如何从 Python 中的此数据集中找到最大值或最小值?
How do I find the Max or Min value from this dataset in Python?
我正在使用全球预期寿命的在线数据集,我正在尝试在 life_expectancy 列中找到最大值和最小值。
这是数据集:https://ourworldindata.org/spanish-flu-largest-influenza-pandemic-in-history
这是我按照其他帖子中的建议尝试数学方程式和 max() 和 min() 后得到的结果。
with open('data/life-expectancy.csv') as life_expectancy:
next(life_expectancy)
for data in life_expectancy:
clean_data = data.strip()
split_data = clean_data.split(',')
entity = split_data[0]
code = split_data[1]
year = split_data[2]
expectancy = float(split_data[3])
print(f'The overall max life expectancy is: {max(split_data[3])}')
print(f'The overall min life expectancy is: {min(split_data[3])}')
我还应该添加什么才能真正获得正确的结果?
当前输出:
The overall max life expectancy is: 9
The overall min life expectancy is: .
您想创建在循环时建立起来的列表,然后在 min/max 之后。
with open('data/life-expectancy.csv') as life_expectancy:
next(life_expectancy)
entities = []
codes = []
years = []
expectancies = []
for data in life_expectancy:
clean_data = data.strip()
split_data = clean_data.split(',')
entities.append(split_data[0])
codes.append(split_data[1])
years.append(split_data[2])
expectancies.append(float(split_data[3]))
print(f'The overall max life expectancy is: {max(expectancies)}')
print(f'The overall min life expectancy is: {min(expectancies)}')
您没有对正在迭代的数据执行任何操作。
当您将数据存储在列表中时,我们可以在数据集上使用 min
和 max
。使用键和 lambda
我们可以确保我们的结果包括所有相关数据,而不是只存储最大值。
with open('life-expectancy.csv') as life_expectancy:
next(life_expectancy)
## Create an empty list
output = []
for data in life_expectancy:
clean_data = data.strip()
split_data = clean_data.split(',')
entity = split_data[0]
code = split_data[1]
year = split_data[2]
expectancy = float(split_data[3])
## Append to the list
output.append([entity, code, year, expectancy])
max_life = max(output, key=lambda x: x[3])
min_life = min(output, key=lambda x: x[3])
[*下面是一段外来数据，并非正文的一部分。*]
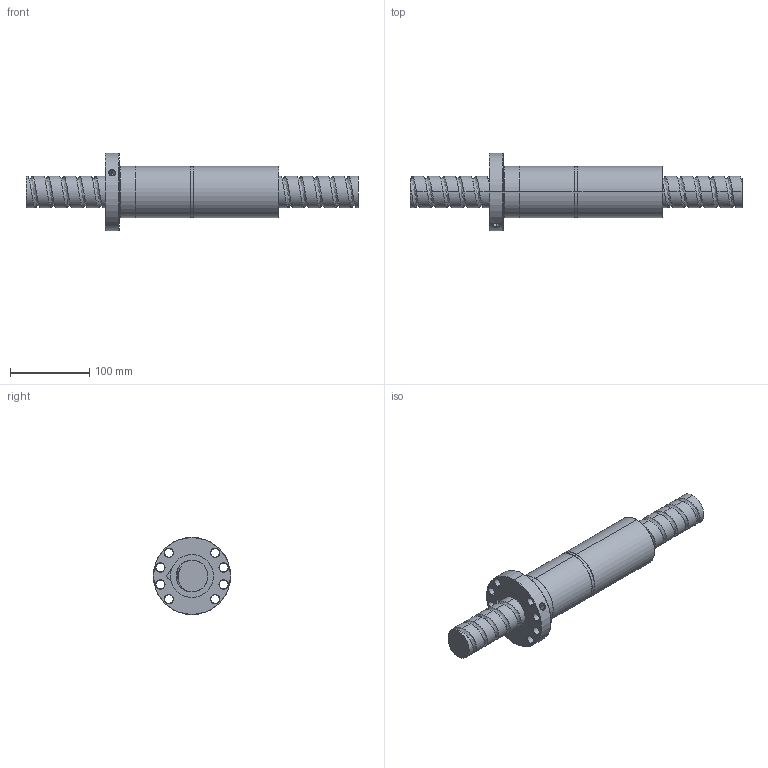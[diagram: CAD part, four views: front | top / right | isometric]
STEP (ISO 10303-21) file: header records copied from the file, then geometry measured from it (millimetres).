
FILE_DESCRIPTION (( 'STEP AP214' ), '1' );
FILE_NAME ('FDDC04020T4-F-A.STEP', '2010-07-07T02:13:56', ( 'XPAUTO' ), ( 'XPAUTO' ), 'SwSTEP 2.0', 'SolidWorks 2007', '' );
FILE_SCHEMA (( 'AUTOMOTIVE_DESIGN' ));
Length unit declared in the file: millimetre
Products named in the file (3): FDDC04020T4-F-A.sldasm-Part-1_預設; FDDC04020T4-F-A; FDDC04020T4-F-A.sldasm-Part-2_預設
Assembly tree (2 placements, depth 2):
  FDDC04020T4-F-A
    FDDC04020T4-F-A.sldasm-Part-2_預設
    FDDC04020T4-F-A.sldasm-Part-1_預設
Bounding box: 420 x 98 x 98 mm (x, y, z)
Volume: 1020306.7 mm3; surface area: 153367.9 mm2
Topology: 2 solids, 2 shells, 173 faces, 438 edges, 275 vertices
Faces by surface type: cylinder 109, cone 32, plane 16, torus 10, bspline 6
Entity records: 40919 total; most frequent: CARTESIAN_POINT 36829, ORIENTED_EDGE 876, DIRECTION 782, EDGE_CURVE 438, AXIS2_PLACEMENT_3D 317, VERTEX_POINT 275, EDGE_LOOP 197, FACE_OUTER_BOUND 173

#['Monaco', 'MCO', '2019', 86.751]
#['Iceland', 'ISL', '1882', 17.76]
print(f'The overall max life expectancy is {max_life[3]} in {max_life[0]}')
print(f'The overall min life expectancy is {min_life[3]} in {min_life[0]}')
#The overall max life expectancy is 86.751 in Monaco
#The overall min life expectancy is 17.76 in Iceland
为了提高可读性,您可以通过修改以下行将数据存储为`dicts 列表
output.append({'entity': entity, 'code': code, 'year': year, 'expectancy': expectancy})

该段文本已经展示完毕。